Il entend aussi votre souhait s’agissant d’une plus grande transparence dans l’information donnée par l’opérateur de service universel sur l’état de son réseau et sur la nécessité de doter le régulateur de moyens de sanction adaptés à l’importance de l’enjeu.

Je me demande même si je ne serais pas allée plus loin dans l’édiction de cette obligation. Aujourd’hui, on parle beaucoup d’open data, c’est-à-dire de la mise à disposition de données au public. Il me semble que le rapport proposé pourrait être rendu public afin que l’ensemble de nos concitoyens puisse participer à cette démarche de veille pour connaître la qualité réelle du réseau de téléphonie fixe.

Le réseau de cuivre est encore aujourd’hui le seul qui irrigue la totalité de notre territoire. Nous avons collectivement la responsabilité de veiller à ce que rien n’entrave les opérations nécessaires pour assurer le maintien et le fonctionnement de ce réseau, de même qu’il nous revient de veiller à ce que l’opérateur qui en a la charge soit incité à intervenir afin que les défaillances qui ont pu être constatées par le passé ne se renouvellent plus.

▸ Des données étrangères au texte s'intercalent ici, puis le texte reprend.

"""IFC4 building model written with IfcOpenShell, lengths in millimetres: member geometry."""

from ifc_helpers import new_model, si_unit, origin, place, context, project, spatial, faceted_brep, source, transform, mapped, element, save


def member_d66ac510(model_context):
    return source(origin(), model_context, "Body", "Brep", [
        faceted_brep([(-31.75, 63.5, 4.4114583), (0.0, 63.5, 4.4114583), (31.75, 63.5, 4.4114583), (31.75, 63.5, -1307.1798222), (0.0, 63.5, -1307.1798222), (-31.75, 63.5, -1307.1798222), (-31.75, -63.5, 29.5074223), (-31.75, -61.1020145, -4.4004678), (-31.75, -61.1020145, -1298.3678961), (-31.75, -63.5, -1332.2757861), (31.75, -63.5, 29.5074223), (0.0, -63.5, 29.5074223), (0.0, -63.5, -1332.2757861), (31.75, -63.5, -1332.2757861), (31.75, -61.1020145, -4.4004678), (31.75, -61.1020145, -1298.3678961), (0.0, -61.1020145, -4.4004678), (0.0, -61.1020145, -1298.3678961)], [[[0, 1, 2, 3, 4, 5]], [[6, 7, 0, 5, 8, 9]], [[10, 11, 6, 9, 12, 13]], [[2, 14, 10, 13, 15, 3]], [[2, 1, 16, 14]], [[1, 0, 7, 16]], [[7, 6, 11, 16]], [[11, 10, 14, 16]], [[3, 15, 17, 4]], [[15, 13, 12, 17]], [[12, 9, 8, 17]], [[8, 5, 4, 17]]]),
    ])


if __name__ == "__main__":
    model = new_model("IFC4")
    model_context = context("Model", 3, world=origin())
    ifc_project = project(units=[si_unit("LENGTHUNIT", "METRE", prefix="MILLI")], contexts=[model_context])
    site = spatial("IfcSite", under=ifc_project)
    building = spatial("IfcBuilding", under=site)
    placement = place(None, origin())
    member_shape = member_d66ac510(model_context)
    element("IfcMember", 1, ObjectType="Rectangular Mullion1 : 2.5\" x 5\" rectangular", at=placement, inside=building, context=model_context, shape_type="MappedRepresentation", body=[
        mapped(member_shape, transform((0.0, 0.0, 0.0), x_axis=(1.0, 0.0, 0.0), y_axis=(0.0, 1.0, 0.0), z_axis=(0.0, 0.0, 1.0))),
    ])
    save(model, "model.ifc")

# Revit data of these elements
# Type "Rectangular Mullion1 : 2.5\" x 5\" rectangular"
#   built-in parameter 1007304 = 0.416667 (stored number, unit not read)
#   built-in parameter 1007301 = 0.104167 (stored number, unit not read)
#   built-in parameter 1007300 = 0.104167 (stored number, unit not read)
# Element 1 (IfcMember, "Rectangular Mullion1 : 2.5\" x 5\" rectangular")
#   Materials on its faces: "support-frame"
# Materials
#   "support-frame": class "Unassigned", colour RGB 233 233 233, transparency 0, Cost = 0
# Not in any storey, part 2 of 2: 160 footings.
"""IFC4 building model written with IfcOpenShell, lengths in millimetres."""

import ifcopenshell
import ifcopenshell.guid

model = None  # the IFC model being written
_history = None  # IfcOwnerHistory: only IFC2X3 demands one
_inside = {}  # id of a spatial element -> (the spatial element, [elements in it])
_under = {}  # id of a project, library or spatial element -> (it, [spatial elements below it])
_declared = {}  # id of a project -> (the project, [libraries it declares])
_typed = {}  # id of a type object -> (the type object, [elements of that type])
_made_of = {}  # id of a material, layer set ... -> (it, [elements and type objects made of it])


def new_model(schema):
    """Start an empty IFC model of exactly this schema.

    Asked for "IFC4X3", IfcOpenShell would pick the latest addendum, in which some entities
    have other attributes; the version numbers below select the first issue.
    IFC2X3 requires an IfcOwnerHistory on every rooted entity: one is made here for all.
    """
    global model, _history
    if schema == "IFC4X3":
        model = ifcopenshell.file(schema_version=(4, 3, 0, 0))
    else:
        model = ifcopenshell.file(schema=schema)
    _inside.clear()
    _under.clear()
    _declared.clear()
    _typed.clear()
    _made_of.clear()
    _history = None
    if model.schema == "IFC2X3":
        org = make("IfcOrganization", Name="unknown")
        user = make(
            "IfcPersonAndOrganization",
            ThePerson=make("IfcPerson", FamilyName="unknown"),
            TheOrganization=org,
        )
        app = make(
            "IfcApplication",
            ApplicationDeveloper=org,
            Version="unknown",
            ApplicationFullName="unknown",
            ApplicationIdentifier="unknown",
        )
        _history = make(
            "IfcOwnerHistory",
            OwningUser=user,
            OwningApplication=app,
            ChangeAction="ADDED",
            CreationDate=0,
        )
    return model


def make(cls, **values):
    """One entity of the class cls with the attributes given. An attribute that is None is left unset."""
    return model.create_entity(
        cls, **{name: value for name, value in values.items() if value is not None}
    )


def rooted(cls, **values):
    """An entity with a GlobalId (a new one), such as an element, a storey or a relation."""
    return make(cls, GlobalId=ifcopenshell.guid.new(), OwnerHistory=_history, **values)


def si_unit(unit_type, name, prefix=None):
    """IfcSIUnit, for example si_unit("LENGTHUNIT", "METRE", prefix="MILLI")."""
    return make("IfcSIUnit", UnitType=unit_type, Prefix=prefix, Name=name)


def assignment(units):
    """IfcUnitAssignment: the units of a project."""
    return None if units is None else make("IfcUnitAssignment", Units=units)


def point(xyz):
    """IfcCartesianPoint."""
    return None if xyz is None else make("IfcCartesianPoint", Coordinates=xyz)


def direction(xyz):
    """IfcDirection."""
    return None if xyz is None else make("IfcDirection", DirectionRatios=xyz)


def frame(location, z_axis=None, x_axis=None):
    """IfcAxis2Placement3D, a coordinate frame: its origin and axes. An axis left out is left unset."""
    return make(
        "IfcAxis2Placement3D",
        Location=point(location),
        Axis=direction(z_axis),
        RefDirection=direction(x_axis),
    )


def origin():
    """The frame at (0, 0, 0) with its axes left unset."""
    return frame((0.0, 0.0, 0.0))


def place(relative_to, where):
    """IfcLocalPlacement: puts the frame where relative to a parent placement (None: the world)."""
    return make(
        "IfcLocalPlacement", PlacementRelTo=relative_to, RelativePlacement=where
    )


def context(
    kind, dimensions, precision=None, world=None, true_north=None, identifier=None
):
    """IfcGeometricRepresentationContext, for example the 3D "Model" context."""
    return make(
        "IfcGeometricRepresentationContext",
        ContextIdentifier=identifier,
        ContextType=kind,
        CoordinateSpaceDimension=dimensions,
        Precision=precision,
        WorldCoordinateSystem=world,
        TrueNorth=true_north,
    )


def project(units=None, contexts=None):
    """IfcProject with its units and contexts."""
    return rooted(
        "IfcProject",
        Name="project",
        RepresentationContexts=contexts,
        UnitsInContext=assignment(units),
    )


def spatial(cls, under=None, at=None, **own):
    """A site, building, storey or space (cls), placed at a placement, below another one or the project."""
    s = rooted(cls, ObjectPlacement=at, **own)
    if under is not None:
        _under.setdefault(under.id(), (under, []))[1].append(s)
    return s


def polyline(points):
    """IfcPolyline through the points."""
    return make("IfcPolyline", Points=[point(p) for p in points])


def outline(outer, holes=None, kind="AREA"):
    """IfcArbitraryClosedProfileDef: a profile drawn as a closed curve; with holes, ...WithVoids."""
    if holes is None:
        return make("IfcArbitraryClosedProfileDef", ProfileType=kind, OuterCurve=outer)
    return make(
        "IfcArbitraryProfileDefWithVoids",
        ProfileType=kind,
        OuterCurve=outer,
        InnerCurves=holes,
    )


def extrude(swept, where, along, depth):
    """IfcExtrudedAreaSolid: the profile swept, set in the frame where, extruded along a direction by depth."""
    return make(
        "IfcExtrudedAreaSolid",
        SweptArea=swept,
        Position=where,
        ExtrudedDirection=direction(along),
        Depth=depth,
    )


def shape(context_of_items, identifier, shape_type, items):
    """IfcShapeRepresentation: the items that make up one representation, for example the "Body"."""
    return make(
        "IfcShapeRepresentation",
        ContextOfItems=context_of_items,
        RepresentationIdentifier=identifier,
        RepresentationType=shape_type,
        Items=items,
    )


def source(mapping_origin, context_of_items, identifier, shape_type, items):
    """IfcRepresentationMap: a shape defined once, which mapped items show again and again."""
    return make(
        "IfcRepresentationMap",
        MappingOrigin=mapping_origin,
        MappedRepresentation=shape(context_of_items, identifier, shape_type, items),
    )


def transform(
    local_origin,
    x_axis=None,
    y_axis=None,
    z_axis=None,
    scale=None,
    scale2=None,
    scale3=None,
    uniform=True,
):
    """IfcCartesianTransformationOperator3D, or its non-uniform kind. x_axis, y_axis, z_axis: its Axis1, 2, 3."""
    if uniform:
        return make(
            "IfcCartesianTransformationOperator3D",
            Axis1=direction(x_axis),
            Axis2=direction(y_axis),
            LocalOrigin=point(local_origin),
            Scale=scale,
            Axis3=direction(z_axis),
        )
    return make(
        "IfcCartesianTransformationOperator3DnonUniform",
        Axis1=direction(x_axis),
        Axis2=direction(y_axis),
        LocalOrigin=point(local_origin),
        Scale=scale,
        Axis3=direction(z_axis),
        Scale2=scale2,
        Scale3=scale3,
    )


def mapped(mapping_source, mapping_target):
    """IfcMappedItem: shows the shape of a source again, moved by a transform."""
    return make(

Vous proposez l’intervention du maire, qui est en effet le mieux à même de connaître le comportement de tous les interlocuteurs locaux sur ces sujets. C’est là une autre originalité que nous soutenons.

La dégradation de petites choses de notre environnement quotidien – un poteau à terre, un câble qui pend, des réparations temporaires qui durent trop longtemps – contribue à un double sentiment.

Tout d’abord, un sentiment de déclin collectif d’un pays qui ne pourrait plus maintenir ce qui a été. Il est vrai que, chez nous, le réseau cuivre est très étendu. Un temps, il a conféré une longueur d’avance à la France et, dans la mesure où il a été construit avec un certain retard, il est relativement plus jeune que les réseaux équivalents dans des pays voisins.

Ensuite, un sentiment selon lequel certaines zones seraient reléguées et abandonnées, en particulier par les responsables politiques.

Ces petites choses ne sont pas triviales, tant elles font le lit de tous les extrémismes. Elles nourrissent un rejet à l’égard des responsables qui sont incapables d’apporter des réponses simples à des problèmes concrets.

Vous l’aurez compris, monsieur le rapporteur : ce sujet me tient à coeur. Il constitue un élément de réponse, modeste mais pragmatique, à ce malaise républicain, et vous trouverez aujourd’hui le Gouvernement à vos côtés.